When and How is PMI Tax Deductible?

by Tyler Osby on December 31, 2007

PmiGood news to those who have recently obtained or plan on obtaining a loan with private mortgage insurance!  IF you qualify, that mortgage insurance premium you’re paying is tax deductible through the year 2010! 

Newly passed by congress, the mortgage insurance deduction will be extended to 2010.

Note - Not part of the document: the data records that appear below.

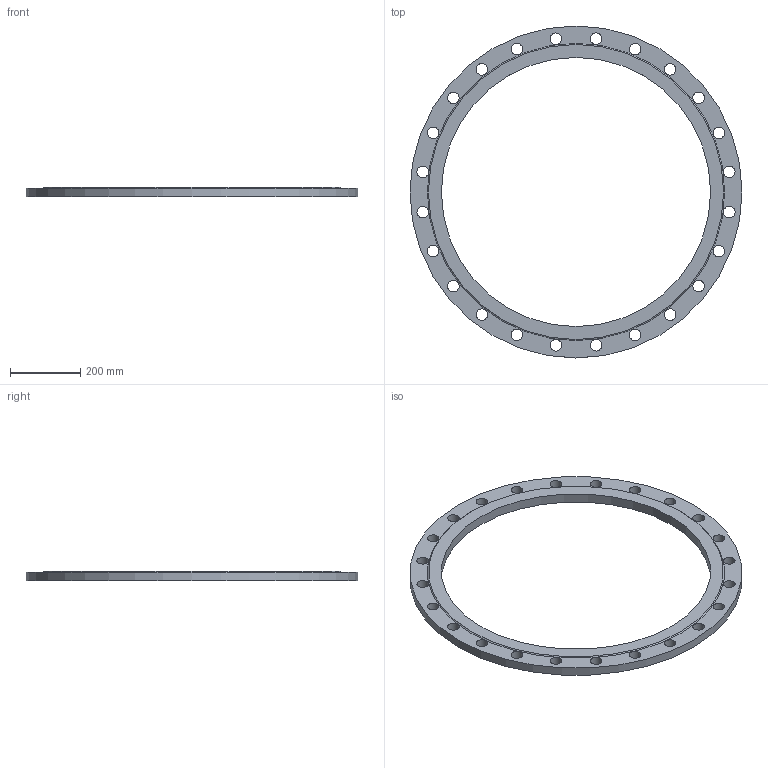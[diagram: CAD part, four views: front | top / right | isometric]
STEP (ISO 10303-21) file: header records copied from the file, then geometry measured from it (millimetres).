
FILE_DESCRIPTION(/* description */ (''),/* implementation_level */ '2;1');
FILE_NAME(/* name */ 'C:\Users\D\Documents\Inventor\HP\JIS\フランジ\JIS 5k sop rf\jis5k-sop-rf-750.stp',/* time_stamp */ '2024-09-12T17:02:28+09:00',/* author */ ('D'),/* organization */ (''),/* preprocessor_version */ 'ST-DEVELOPER v18',/* originating_system */ 'Autodesk Inventor 2020',/* authorisation */ '');
FILE_SCHEMA (('AUTOMOTIVE_DESIGN { 1 0 10303 214 3 1 1 }'));
Length unit declared in the file: millimetre
Products named in the file (1): jis5k-sop-rf-10
Bounding box: 945 x 945 x 28 mm (x, y, z)
Volume: 5785523.2 mm3; surface area: 648359.3 mm2
Topology: 1 solids, 1 shells, 30 faces, 86 edges, 59 vertices
Faces by surface type: cylinder 26, plane 3, torus 1
Full cylindrical faces by diameter (mm): 33 x24, 766 x1, 945 x1
Entity records: 1171 total; most frequent: DIRECTION 208, CARTESIAN_POINT 176, ORIENTED_EDGE 172, AXIS2_PLACEMENT_3D 91, EDGE_CURVE 86, EDGE_LOOP 81, CIRCLE 60, VERTEX_POINT 59
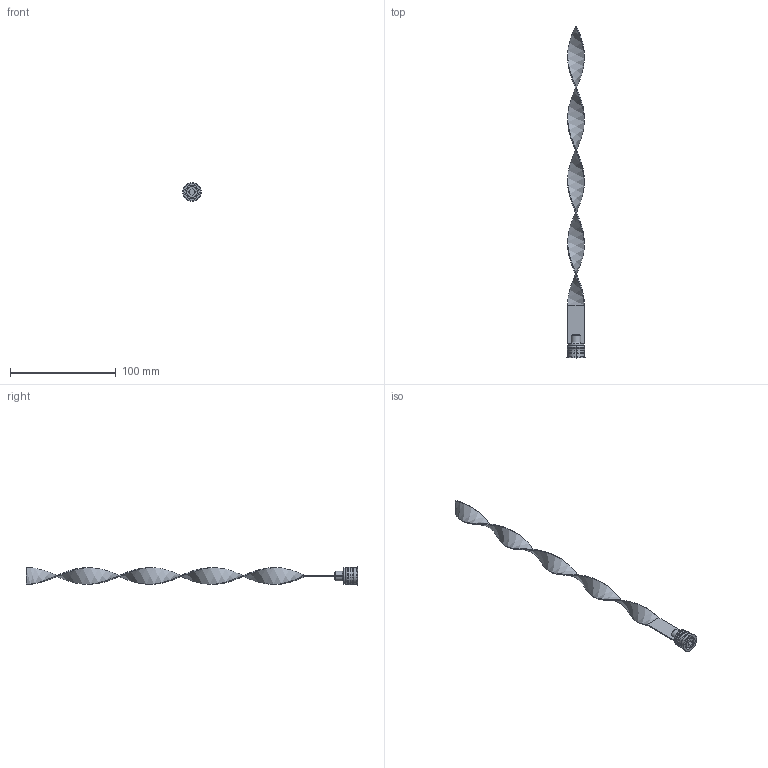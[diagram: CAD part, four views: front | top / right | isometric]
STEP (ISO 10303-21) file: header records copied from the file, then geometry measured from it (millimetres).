
FILE_DESCRIPTION (( 'STEP AP203' ), '1' );
FILE_NAME ('RLS-16Fx300.STEP', '2011-02-08T09:10:56', ( ' ' ), ( ' ' ), 'SwSTEP 2.0', 'SolidWorks 2011', '' );
FILE_SCHEMA (( 'CONFIG_CONTROL_DESIGN' ));
Length unit declared in the file: millimetre
Products named in the file (1): RLS-16Fx300
Bounding box: 17.5 x 313.8 x 17.5 mm (x, y, z)
Volume: 7614.5 mm3; surface area: 12064.5 mm2
Topology: 1 solids, 1 shells, 77 faces, 179 edges, 110 vertices
Faces by surface type: plane 32, cylinder 17, cone 16, torus 8, bspline 4
Entity records: 3310 total; most frequent: CARTESIAN_POINT 1469, DIRECTION 383, ORIENTED_EDGE 358, EDGE_CURVE 179, AXIS2_PLACEMENT_3D 144, VERTEX_POINT 110, LINE 95, VECTOR 95
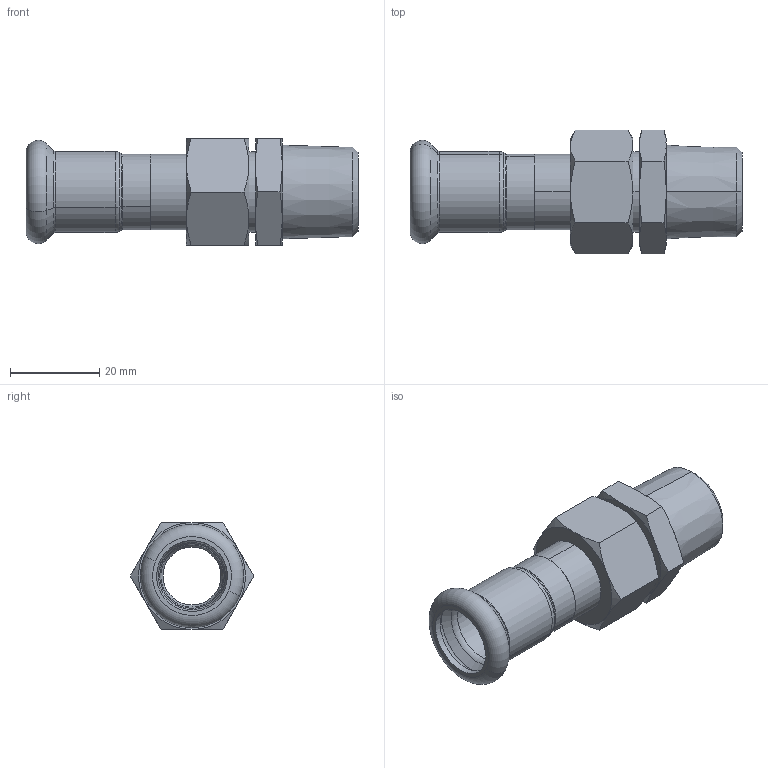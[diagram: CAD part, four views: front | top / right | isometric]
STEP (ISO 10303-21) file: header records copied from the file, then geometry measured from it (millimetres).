
FILE_DESCRIPTION (( 'STEP AP203' ), '1' );
FILE_NAME ('GDA5431.STEP', '2019-01-21T05:14:04', ( '' ), ( '' ), 'SwSTEP 2.0', 'SolidWorks 2015', '' );
FILE_SCHEMA (( 'CONFIG_CONTROL_DESIGN' ));
Length unit declared in the file: millimetre
Products named in the file (6): T-ｉ-01-15; GDA5431; 0.5; ZL-Ⅰ-01×?; 15｡ﾁ?; 蛌遙諉芛0.5-0.5
Assembly tree (5 placements, depth 2):
  GDA5431
    15｡ﾁ?
    ZL-Ⅰ-01×?
    0.5
    蛌遙諉芛0.5-0.5
    T-ｉ-01-15
Bounding box: 74.5 x 27.71 x 24 mm (x, y, z)
Volume: 13484.6 mm3; surface area: 12023.6 mm2
Topology: 5 solids, 5 shells, 128 faces, 264 edges, 152 vertices
Faces by surface type: cone 50, cylinder 34, plane 28, torus 16
Entity records: 4176 total; most frequent: CARTESIAN_POINT 816, DIRECTION 632, ORIENTED_EDGE 528, AXIS2_PLACEMENT_3D 280, EDGE_CURVE 264, VERTEX_POINT 152, EDGE_LOOP 144, CIRCLE 144
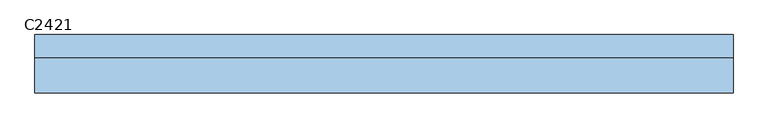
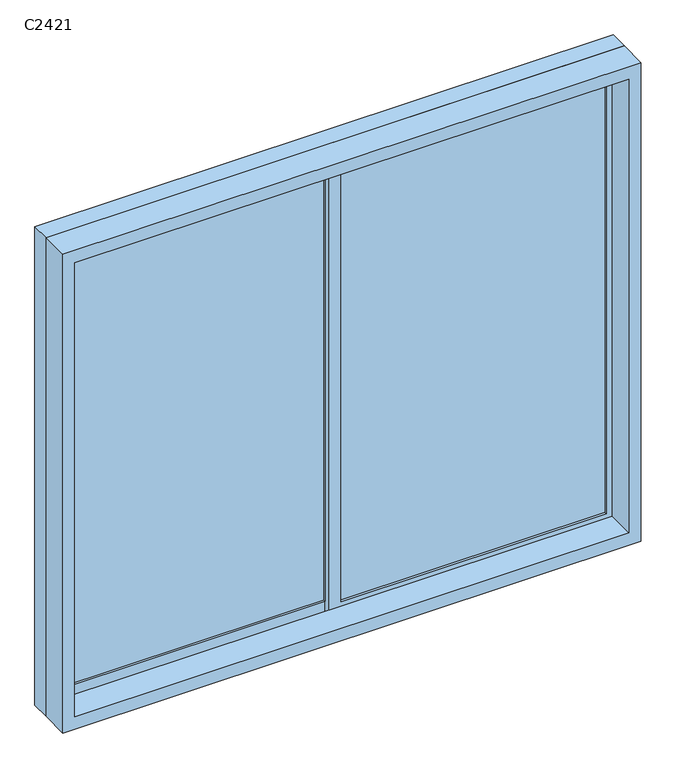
"""IFC4 building model written with IfcOpenShell, lengths in millimetres: window geometry, 推拉窗6 : C2421."""

from ifc_helpers import new_model, si_unit, frame, origin, place, context, project, spatial, polyline, outline, extrude, source, transform, mapped, element, save


def c2421_ffb013b5(model_context):
    return source(origin(), model_context, "Body", "SweptSolid", [
        extrude(outline(polyline([(-1115.475, 3.1265625), (-15.475, 3.1265625), (-15.475, -6.8734375), (-1115.475, -6.8734375), (-1115.475, 3.1265625)])), frame((0.0, 0.0, 675.0), z_axis=(0.0, 0.0, 1.0), x_axis=(1.0, 0.0, 0.0)), (0.0, 0.0, 1.0), 1950.0),
        extrude(outline(polyline([(34.525, -26.8734375), (1134.525, -26.8734375), (1134.525, -36.8734375), (34.525, -36.8734375), (34.525, -26.8734375)])), frame((0.0, 0.0, 675.0), z_axis=(0.0, 0.0, 1.0), x_axis=(1.0, 0.0, 0.0)), (0.0, 0.0, 1.0), 1950.0),
        extrude(outline(polyline([(2700.0, -1190.475), (600.0, -1190.475), (600.0, 1209.525), (2700.0, 1209.525), (2700.0, -1190.475)]), holes=[polyline([(2645.0, 1159.525), (655.0, 1159.525), (655.0, -1140.475), (2645.0, -1140.475), (2645.0, 1159.525)])]), frame((0.0, -166.8734375, 0.0), z_axis=(0.0, 1.0, 0.0), x_axis=(0.0, 0.0, 1.0)), (0.0, 0.0, 1.0), 120.0),
        extrude(outline(polyline([(625.0, 34.525), (2675.0, 34.525), (2675.0, -1165.475), (625.0, -1165.475), (625.0, 34.525)]), holes=[polyline([(675.0, -15.475), (675.0, -1115.475), (2625.0, -1115.475), (2625.0, -15.475), (675.0, -15.475)])]), frame((0.0, -16.8734375, 0.0), z_axis=(0.0, 1.0, 0.0), x_axis=(0.0, 0.0, 1.0)), (0.0, 0.0, 1.0), 30.0),
        extrude(outline(polyline([(2675.0, -15.475), (625.0, -15.475), (625.0, 1184.525), (2675.0, 1184.525), (2675.0, -15.475)]), holes=[polyline([(2625.0, 34.525), (2625.0, 1134.525), (675.0, 1134.525), (675.0, 34.525), (2625.0, 34.525)])]), frame((0.0, -46.8734375, 0.0), z_axis=(0.0, 1.0, 0.0), x_axis=(0.0, 0.0, 1.0)), (0.0, 0.0, 1.0), 30.0),
        extrude(outline(polyline([(2700.0, -1190.475), (600.0, -1190.475), (600.0, 1209.525), (2700.0, 1209.525), (2700.0, -1190.475)]), holes=[polyline([(625.0, -1165.475), (2675.0, -1165.475), (2675.0, 1184.525), (625.0, 1184.525), (625.0, -1165.475)])]), frame((0.0, -46.8734375, 0.0), z_axis=(0.0, 1.0, 0.0), x_axis=(0.0, 0.0, 1.0)), (0.0, 0.0, 1.0), 80.0),
    ])


if __name__ == "__main__":
    model = new_model("IFC4")
    model_context = context("Model", 3, world=origin())
    ifc_project = project(units=[si_unit("LENGTHUNIT", "METRE", prefix="MILLI")], contexts=[model_context])
    site = spatial("IfcSite", under=ifc_project)
    building = spatial("IfcBuilding", under=site)
    placement = place(None, origin())
    c2421_shape = c2421_ffb013b5(model_context)
    element("IfcWindow", 1, ObjectType="推拉窗6 : C2421", at=placement, inside=building, context=model_context, shape_type="MappedRepresentation", body=[
        mapped(c2421_shape, transform((0.0, 0.0, 0.0), x_axis=(1.0, 0.0, 0.0), y_axis=(0.0, 1.0, 0.0), z_axis=(0.0, 0.0, 1.0))),
    ])
    save(model, "model.ifc")

Do you qualify?  Here are the basics (from MGIC.com):

  1. The deduction applies to ‘Qualified Residences’.  Generally this is your primary residence and a non-rental secondary home.  (Investment properties with PMI don’t qualify for the deduction)
  2. Households with an adjusted gross income of $100,000 or less will be able to deduct 100% of their MI premiums.  The deduction is reduced by 10% for each additional $1,000 of adjusted gross household income up to $109,000 (details below).   
  3. If you file your taxes ‘Married, filing separately’ and you have adjusted gross incomes of $50,000 or less  you’ll be able to deduct 50% of your MI premiums.  The deduction is reduced 5% for each $500 of adjusted gross income up to $54,500.

Here’s a chart displaying the tax deduction percentages (courtesy of MGIC):

Mi_table

As always, please consult with a licensed professional about how these deductions work and if you qualify for this deduction.